What maths concepts should you know to model infectious diseases? I'm a high school student and for my math research paper, I've to model and predict spread of an infectious disease (e.g. covid) in a country of my choice. Which math concepts should I know to do this activity? I've heard that I should learn differential equations, but is there anything else that I must know?
Could you also suggest some good books to learn how to do this?
Thank you,
 A: Yes, differential equations are at core of it and for finding the parameters, non-linear optimization is a way to go. This makes it easy to jump to a software tool (e.g. Pyomo for Python) and actually solve it.
Actually, here you can find a repo where the SIR-model is used and solved.
When you are talking about designing an optimal strategy on how to deal with pandemics, markov decision processes and dynamic programming comes in handy.
Some good mathematical references:

*

*A biologist's guide to mathematical modeling in ecology and evolution, Otto S.P., Troy D., 2007.
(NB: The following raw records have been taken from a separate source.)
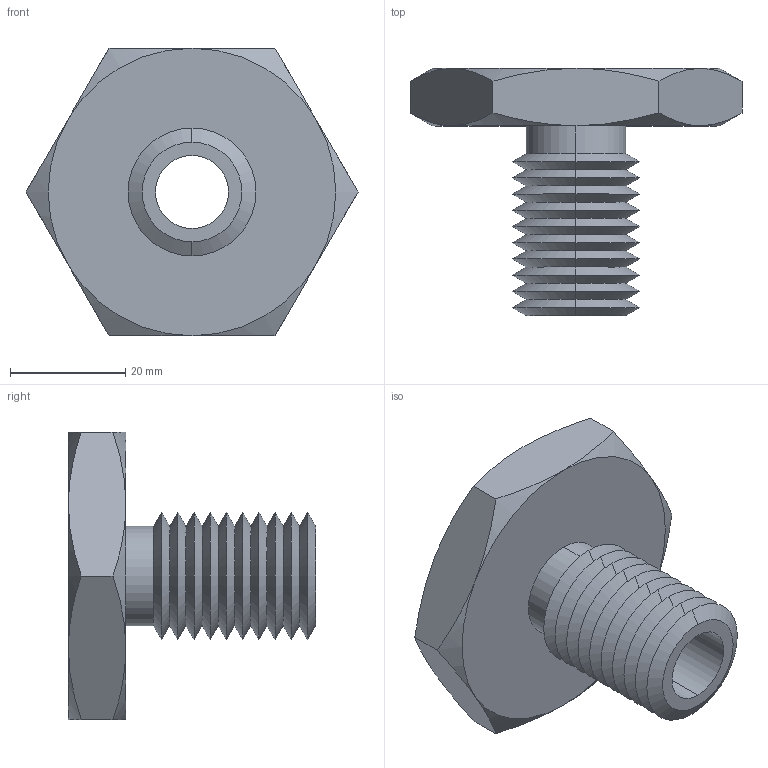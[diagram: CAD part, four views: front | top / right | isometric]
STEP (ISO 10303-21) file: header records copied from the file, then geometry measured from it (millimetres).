
FILE_DESCRIPTION (( 'STEP AP203' ), '1' );
FILE_NAME ('63302.W5088_0,50 UNC-13.step', '2013-12-08T11:37:57', ( 'User' ), ( '' ), 'SwSTEP 2.0', 'SolidWorks 2009', '' );
FILE_SCHEMA (( 'CONFIG_CONTROL_DESIGN' ));
Length unit declared in the file: millimetre
Products named in the file (1): 63302.W5088_0,50 UNC-13
Bounding box: 57.73 x 43 x 50 mm (x, y, z)
Volume: 25698.6 mm3; surface area: 11048.5 mm2
Topology: 1 solids, 1 shells, 67 faces, 138 edges, 74 vertices
Faces by surface type: cone 54, plane 9, cylinder 4
Entity records: 1939 total; most frequent: CARTESIAN_POINT 464, DIRECTION 312, ORIENTED_EDGE 276, EDGE_CURVE 138, AXIS2_PLACEMENT_3D 130, VERTEX_POINT 74, EDGE_LOOP 70, ADVANCED_FACE 67
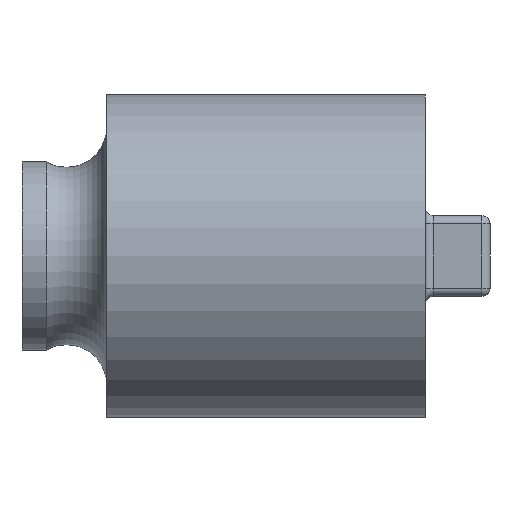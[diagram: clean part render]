
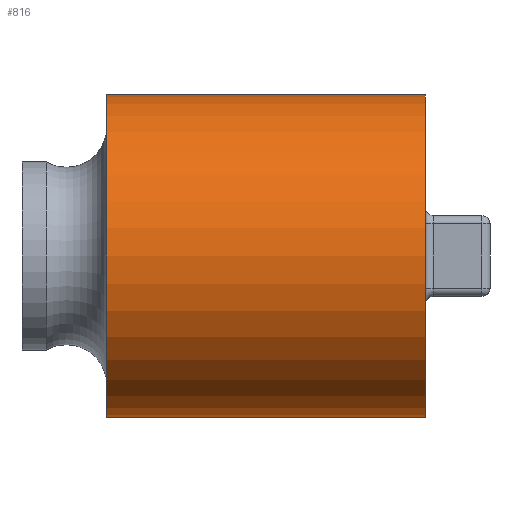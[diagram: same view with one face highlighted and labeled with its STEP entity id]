
A CAD part, left-side view. The second image highlights one B-rep face of the part: STEP entity #816.
In plain terms, the highlighted cylindrical face has radius 10 mm (diameter 20 mm), a partial arc.
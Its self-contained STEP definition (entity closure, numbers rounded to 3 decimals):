
#1=CARTESIAN_POINT('',(-10.,0.,0.));
#2=DIRECTION('',(0.,-1.,0.));
#3=DIRECTION('',(0.,0.,1.));
#4=AXIS2_PLACEMENT_3D('',#1,#2,#3);
#75=CARTESIAN_POINT('',(-10.,19.75,0.));
#76=DIRECTION('',(0.,1.,0.));
#77=DIRECTION('',(0.,0.,-1.));
#78=AXIS2_PLACEMENT_3D('',#75,#76,#77);
#286=DIRECTION('',(0.,1.,0.));
#287=VECTOR('',#286,19.75);
#288=CARTESIAN_POINT('',(-10.,0.,-10.));
#289=LINE('',#288,#287);
#311=DIRECTION('',(0.,1.,0.));
#312=VECTOR('',#311,19.75);
#313=CARTESIAN_POINT('',(-10.,0.,10.));
#314=LINE('',#313,#312);
#643=CARTESIAN_POINT('',(-10.,19.75,-10.));
#644=CARTESIAN_POINT('',(-10.,19.75,10.));
#645=VERTEX_POINT('',#643);
#646=VERTEX_POINT('',#644);
#647=CARTESIAN_POINT('',(-10.,0.,10.));
#648=VERTEX_POINT('',#647);
#649=CARTESIAN_POINT('',(-10.,0.,-10.));
#650=VERTEX_POINT('',#649);
#802=CARTESIAN_POINT('',(-10.,-32.59,0.));
#803=DIRECTION('',(0.,1.,0.));
#804=DIRECTION('',(0.,0.,1.));
#805=AXIS2_PLACEMENT_3D('',#802,#803,#804);
#806=CYLINDRICAL_SURFACE('',#805,10.);
#808=ORIENTED_EDGE('',*,*,#807,.T.);
#810=ORIENTED_EDGE('',*,*,#809,.F.);
#811=ORIENTED_EDGE('',*,*,#767,.T.);
#813=ORIENTED_EDGE('',*,*,#812,.T.);
#814=EDGE_LOOP('',(#808,#810,#811,#813));
#815=FACE_OUTER_BOUND('',#814,.F.);
#816=ADVANCED_FACE('',(#815),#806,.T.);
#5=CIRCLE('',#4,10.);
#79=CIRCLE('',#78,10.);
#767=EDGE_CURVE('',#648,#650,#5,.T.);
#807=EDGE_CURVE('',#645,#646,#79,.T.);
#809=EDGE_CURVE('',#648,#646,#314,.T.);
#812=EDGE_CURVE('',#650,#645,#289,.T.);

*Optimal control of a birth and death epidemic process, Lefevre C., 1981.


*Lectures on mathematical modelling of biological systems, Basting G., 2018.
A: For pandemic-like modeling, usually logistic functions are the right approach. You can research a bit about them here (Wikipedia page). The are those "s" form curves(they are called sigmoid curves if I'm not wrong), and they are useful not only in pandemic but in lots of fields of study.
Some real functional analysis might be enough for you to understand this (derivatives, etc.), and maybe some differential equations.